Karen brings her traditional knowledge of Indigenous ways into the contemporary workplace as this wisdom and way of being reflect “wise practices of purpose driven individuals, communities and organizations”.  She is committed to the “Calls to Action” from the Truth and Reconciliation Commission and is an advocate for the United Nations Declarations on the Rights of Indigenous Peoples (UNDRIP).

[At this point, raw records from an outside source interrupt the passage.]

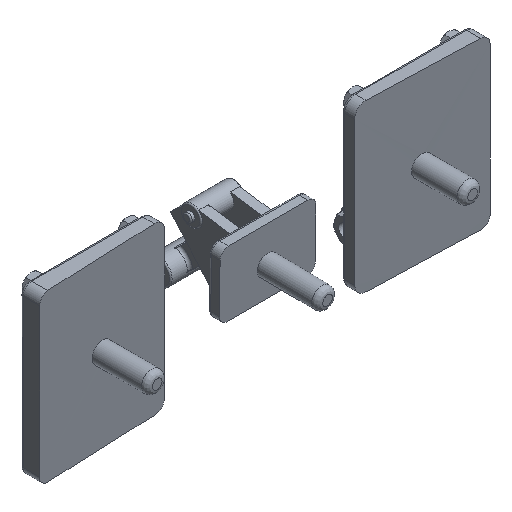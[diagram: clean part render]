
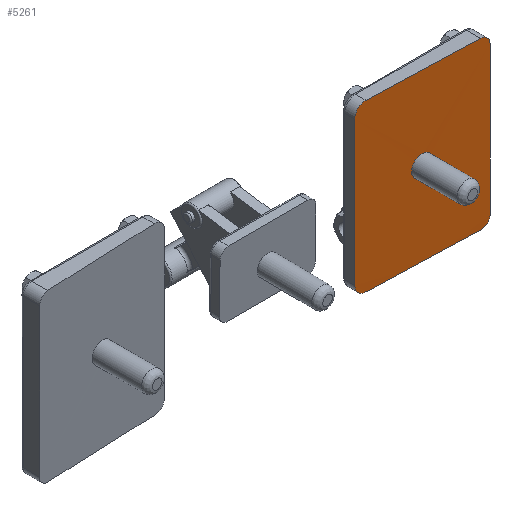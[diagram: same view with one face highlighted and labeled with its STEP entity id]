
A CAD part, isometric view. The second image highlights one B-rep face of the part: STEP entity #5261.
In plain terms, the highlighted cylindrical face has radius 533.956 mm (diameter 1067.91 mm), a partial arc.
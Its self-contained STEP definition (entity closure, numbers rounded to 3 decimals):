
#39=FACE_BOUND('',#1667,.T.);
#54=B_SPLINE_CURVE_WITH_KNOTS('',3,(#7575,#7576,#7577,#7578,#7579,#7580,
#7581,#7582,#7583,#7584),.UNSPECIFIED.,.F.,.F.,(4,2,2,2,4),(0.287,
0.311,0.335,0.359,0.383),
 .UNSPECIFIED.);
#55=B_SPLINE_CURVE_WITH_KNOTS('',3,(#7592,#7593,#7594,#7595,#7596,#7597,
#7598,#7599,#7600,#7601),.UNSPECIFIED.,.F.,.F.,(4,2,2,2,4),(0.482,
0.512,0.543,0.573,0.603),
 .UNSPECIFIED.);
#118=B_SPLINE_CURVE_WITH_KNOTS('',3,(#8616,#8617,#8618,#8619,#8620,#8621,
#8622,#8623,#8624,#8625),.UNSPECIFIED.,.F.,.F.,(4,2,2,2,4),(0.121,
0.151,0.181,0.211,0.241),
 .UNSPECIFIED.);
#119=B_SPLINE_CURVE_WITH_KNOTS('',3,(#8628,#8629,#8630,#8631,#8632,#8633,
#8634,#8635,#8636,#8637),.UNSPECIFIED.,.F.,.F.,(4,2,2,2,4),(0.191,
0.215,0.239,0.263,0.287),
 .UNSPECIFIED.);
#120=B_SPLINE_CURVE_WITH_KNOTS('',3,(#8639,#8640,#8641,#8642,#8643,#8644,
#8645,#8646,#8647,#8648,#8649,#8650,#8651,#8652,#8653,#8654,#8655,#8656,
#8657,#8658,#8659,#8660,#8661,#8662,#8663,#8664,#8665,#8666,#8667,#8668,
#8669,#8670,#8671,#8672),.UNSPECIFIED.,.T.,.F.,(4,2,2,2,2,2,2,2,2,2,2,2,
2,2,2,2,4),(0.,0.028,0.057,0.085,
0.113,0.141,0.17,0.198,
0.226,0.254,0.283,0.311,
0.339,0.367,0.396,0.424,0.452),
 .UNSPECIFIED.);
#486=LINE('',#7570,#856);
#564=LINE('',#8614,#934);
#856=VECTOR('',#6139,10.);
#934=VECTOR('',#6387,10.);
#1236=CYLINDRICAL_SURFACE('',#5639,533.956);
#1356=FACE_OUTER_BOUND('',#1666,.T.);
#1666=EDGE_LOOP('',(#3869,#3870,#3871,#3872,#3873,#3874,#3875,#3876));
#1667=EDGE_LOOP('',(#3877));
#1938=CIRCLE('',#5557,533.956);
#1967=CIRCLE('',#5640,533.956);
#2147=VERTEX_POINT('',#7567);
#2148=VERTEX_POINT('',#7569);
#2149=VERTEX_POINT('',#7573);
#2150=VERTEX_POINT('',#7586);
#2151=VERTEX_POINT('',#7590);
#2265=VERTEX_POINT('',#8613);
#2266=VERTEX_POINT('',#8615);
#2267=VERTEX_POINT('',#8626);
#2268=VERTEX_POINT('',#8638);
#2693=EDGE_CURVE('',#2147,#2148,#486,.T.);
#2696=EDGE_CURVE('',#2149,#2147,#54,.T.);
#2698=EDGE_CURVE('',#2150,#2149,#1938,.F.);
#2700=EDGE_CURVE('',#2151,#2150,#55,.T.);
#2868=EDGE_CURVE('',#2151,#2265,#564,.T.);
#2869=EDGE_CURVE('',#2266,#2265,#118,.T.);
#2870=EDGE_CURVE('',#2267,#2266,#1967,.F.);
#2871=EDGE_CURVE('',#2148,#2267,#119,.T.);
#2872=EDGE_CURVE('',#2268,#2268,#120,.T.);
#3869=ORIENTED_EDGE('',*,*,#2700,.F.);
#3870=ORIENTED_EDGE('',*,*,#2868,.T.);
#3871=ORIENTED_EDGE('',*,*,#2869,.F.);
#3872=ORIENTED_EDGE('',*,*,#2870,.F.);
#3873=ORIENTED_EDGE('',*,*,#2871,.F.);
#3874=ORIENTED_EDGE('',*,*,#2693,.F.);
#3875=ORIENTED_EDGE('',*,*,#2696,.F.);
#3876=ORIENTED_EDGE('',*,*,#2698,.F.);
#3877=ORIENTED_EDGE('',*,*,#2872,.T.);
#5261=ADVANCED_FACE('',(#1356,#39),#1236,.F.);
#5557=AXIS2_PLACEMENT_3D('',#7588,#6147,#6148);
#5639=AXIS2_PLACEMENT_3D('',#8612,#6385,#6386);
#5640=AXIS2_PLACEMENT_3D('',#8627,#6388,#6389);
#6139=DIRECTION('',(0.,0.,-1.));
#6147=DIRECTION('center_axis',(0.,0.,
1.));
#6148=DIRECTION('ref_axis',(0.,1.,0.));
#6385=DIRECTION('center_axis',(0.,0.,-1.));
#6386=DIRECTION('ref_axis',(0.,1.,0.));
#6387=DIRECTION('',(0.,0.,-1.));
#6388=DIRECTION('center_axis',(0.,0.,
-1.));
#6389=DIRECTION('ref_axis',(0.,1.,0.));
#7567=CARTESIAN_POINT('',(-491.017,41.362,-128.356));
#7569=CARTESIAN_POINT('',(-491.017,41.362,-139.194));
#7570=CARTESIAN_POINT('',(-491.017,41.362,-143.586));
#7573=CARTESIAN_POINT('',(-491.652,41.39,-127.721));
#7575=CARTESIAN_POINT('Ctrl Pts',(-491.652,41.39,-127.721));
#7576=CARTESIAN_POINT('Ctrl Pts',(-491.572,41.386,-127.721));
#7577=CARTESIAN_POINT('Ctrl Pts',(-491.487,41.383,-127.736));
#7578=CARTESIAN_POINT('Ctrl Pts',(-491.331,41.376,-127.801));
#7579=CARTESIAN_POINT('Ctrl Pts',(-491.259,41.373,-127.85));
#7580=CARTESIAN_POINT('Ctrl Pts',(-491.147,41.368,-127.963));
#7581=CARTESIAN_POINT('Ctrl Pts',(-491.098,41.366,-128.034));
#7582=CARTESIAN_POINT('Ctrl Pts',(-491.033,41.363,-128.191));
#7583=CARTESIAN_POINT('Ctrl Pts',(-491.017,41.362,-128.276));
#7584=CARTESIAN_POINT('Ctrl Pts',(-491.017,41.362,-128.356));
#7586=CARTESIAN_POINT('',(-499.75,41.673,-127.721));
#7588=CARTESIAN_POINT('Origin',(-514.404,-492.081,-127.721));
#7590=CARTESIAN_POINT('',(-500.55,41.695,-128.521));
#7592=CARTESIAN_POINT('Ctrl Pts',(-500.55,41.695,-128.521));
#7593=CARTESIAN_POINT('Ctrl Pts',(-500.55,41.695,-128.42));
#7594=CARTESIAN_POINT('Ctrl Pts',(-500.53,41.694,-128.313));
#7595=CARTESIAN_POINT('Ctrl Pts',(-500.448,41.692,-128.116));
#7596=CARTESIAN_POINT('Ctrl Pts',(-500.386,41.69,-128.026));
#7597=CARTESIAN_POINT('Ctrl Pts',(-500.244,41.687,-127.884));
#7598=CARTESIAN_POINT('Ctrl Pts',(-500.154,41.684,-127.822));
#7599=CARTESIAN_POINT('Ctrl Pts',(-499.957,41.679,-127.741));
#7600=CARTESIAN_POINT('Ctrl Pts',(-499.85,41.676,-127.721));
#7601=CARTESIAN_POINT('Ctrl Pts',(-499.75,41.673,-127.721));
#8612=CARTESIAN_POINT('Origin',(-514.404,-492.081,-143.586));
#8613=CARTESIAN_POINT('',(-500.55,41.695,-139.029));
#8614=CARTESIAN_POINT('',(-500.55,41.695,-143.586));
#8615=CARTESIAN_POINT('',(-499.75,41.673,-139.829));
#8616=CARTESIAN_POINT('Ctrl Pts',(-499.75,41.673,-139.829));
#8617=CARTESIAN_POINT('Ctrl Pts',(-499.85,41.676,-139.829));
#8618=CARTESIAN_POINT('Ctrl Pts',(-499.957,41.679,-139.809));
#8619=CARTESIAN_POINT('Ctrl Pts',(-500.154,41.684,-139.727));
#8620=CARTESIAN_POINT('Ctrl Pts',(-500.244,41.687,-139.666));
#8621=CARTESIAN_POINT('Ctrl Pts',(-500.386,41.69,-139.524));
#8622=CARTESIAN_POINT('Ctrl Pts',(-500.448,41.692,-139.434));
#8623=CARTESIAN_POINT('Ctrl Pts',(-500.53,41.694,-139.237));
#8624=CARTESIAN_POINT('Ctrl Pts',(-500.55,41.695,-139.13));
#8625=CARTESIAN_POINT('Ctrl Pts',(-500.55,41.695,-139.029));
#8626=CARTESIAN_POINT('',(-491.652,41.39,-139.829));
#8627=CARTESIAN_POINT('Origin',(-514.404,-492.081,-139.829));
#8628=CARTESIAN_POINT('Ctrl Pts',(-491.017,41.362,-139.194));
#8629=CARTESIAN_POINT('Ctrl Pts',(-491.017,41.362,-139.274));
#8630=CARTESIAN_POINT('Ctrl Pts',(-491.033,41.363,-139.359));
#8631=CARTESIAN_POINT('Ctrl Pts',(-491.098,41.366,-139.515));
#8632=CARTESIAN_POINT('Ctrl Pts',(-491.147,41.368,-139.587));
#8633=CARTESIAN_POINT('Ctrl Pts',(-491.259,41.373,-139.699));
#8634=CARTESIAN_POINT('Ctrl Pts',(-491.331,41.376,-139.748));
#8635=CARTESIAN_POINT('Ctrl Pts',(-491.487,41.383,-139.813));
#8636=CARTESIAN_POINT('Ctrl Pts',(-491.572,41.386,-139.829));
#8637=CARTESIAN_POINT('Ctrl Pts',(-491.652,41.39,-139.829));
#8638=CARTESIAN_POINT('',(-496.53,41.575,-133.775));
#8639=CARTESIAN_POINT('Ctrl Pts',(-496.53,41.575,-133.775));
#8640=CARTESIAN_POINT('Ctrl Pts',(-496.53,41.575,-133.681));
#8641=CARTESIAN_POINT('Ctrl Pts',(-496.511,41.575,-133.58));
#8642=CARTESIAN_POINT('Ctrl Pts',(-496.434,41.572,-133.395));
#8643=CARTESIAN_POINT('Ctrl Pts',(-496.376,41.57,-133.311));
#8644=CARTESIAN_POINT('Ctrl Pts',(-496.243,41.566,-133.178));
#8645=CARTESIAN_POINT('Ctrl Pts',(-496.159,41.563,-133.12));
#8646=CARTESIAN_POINT('Ctrl Pts',(-495.974,41.556,-133.044));
#8647=CARTESIAN_POINT('Ctrl Pts',(-495.874,41.553,-133.025));
#8648=CARTESIAN_POINT('Ctrl Pts',(-495.685,41.546,-133.025));
#8649=CARTESIAN_POINT('Ctrl Pts',(-495.585,41.543,-133.044));
#8650=CARTESIAN_POINT('Ctrl Pts',(-495.4,41.536,-133.12));
#8651=CARTESIAN_POINT('Ctrl Pts',(-495.316,41.533,-133.178));
#8652=CARTESIAN_POINT('Ctrl Pts',(-495.183,41.528,-133.311));
#8653=CARTESIAN_POINT('Ctrl Pts',(-495.125,41.526,-133.395));
#8654=CARTESIAN_POINT('Ctrl Pts',(-495.048,41.524,-133.58));
#8655=CARTESIAN_POINT('Ctrl Pts',(-495.03,41.523,-133.681));
#8656=CARTESIAN_POINT('Ctrl Pts',(-495.03,41.523,-133.869));
#8657=CARTESIAN_POINT('Ctrl Pts',(-495.048,41.524,-133.969));
#8658=CARTESIAN_POINT('Ctrl Pts',(-495.125,41.526,-134.154));
#8659=CARTESIAN_POINT('Ctrl Pts',(-495.183,41.528,-134.239));
#8660=CARTESIAN_POINT('Ctrl Pts',(-495.316,41.533,-134.372));
#8661=CARTESIAN_POINT('Ctrl Pts',(-495.4,41.536,-134.429));
#8662=CARTESIAN_POINT('Ctrl Pts',(-495.585,41.543,-134.506));
#8663=CARTESIAN_POINT('Ctrl Pts',(-495.685,41.546,-134.525));
#8664=CARTESIAN_POINT('Ctrl Pts',(-495.874,41.553,-134.525));
#8665=CARTESIAN_POINT('Ctrl Pts',(-495.974,41.556,-134.506));
#8666=CARTESIAN_POINT('Ctrl Pts',(-496.159,41.563,-134.429));
#8667=CARTESIAN_POINT('Ctrl Pts',(-496.243,41.566,-134.372));
#8668=CARTESIAN_POINT('Ctrl Pts',(-496.376,41.57,-134.239));
#8669=CARTESIAN_POINT('Ctrl Pts',(-496.434,41.572,-134.154));
#8670=CARTESIAN_POINT('Ctrl Pts',(-496.511,41.575,-133.969));
#8671=CARTESIAN_POINT('Ctrl Pts',(-496.53,41.575,-133.869));
#8672=CARTESIAN_POINT('Ctrl Pts',(-496.53,41.575,-133.775));

Currently she is serving as an Elder on the Edmonton Police Service, and previously served on several committees with the Edmonton Police Commission. She is also honoured to be part of the Elder in Residence Program for Indigenous Services Canada, Alberta Region. Additionally, Karen was selected by the Edmonton Catholic School board to serve on their Circle of Elders, which is heralded as a wise practice across Canada enabling greater success rates for First Nations, Métis, and Inuit learners.  She is a Senior Advisor and mentor to the Indigenous Women in Community Leadership, Coady Institute, St. Francis Xavier University and was appointed as one of two members for Alberta to the Independent Advisory Board for Senate Appointments.  Most recently, she was recognized as an Albertan  SHEInnovates  leader under  the Global Innovation Coalition for Change (GICC).  The GICC is a dynamic partnership between United Nations Women and key representatives from the private sector, academia and non-profit institutions  focused on developing the innovation market to work better for women and to accelerate the achievement of gender equality and women’s empowerment.  She is a board member of  “Honouring Indigenous Peoples”  a national Rotary initiative.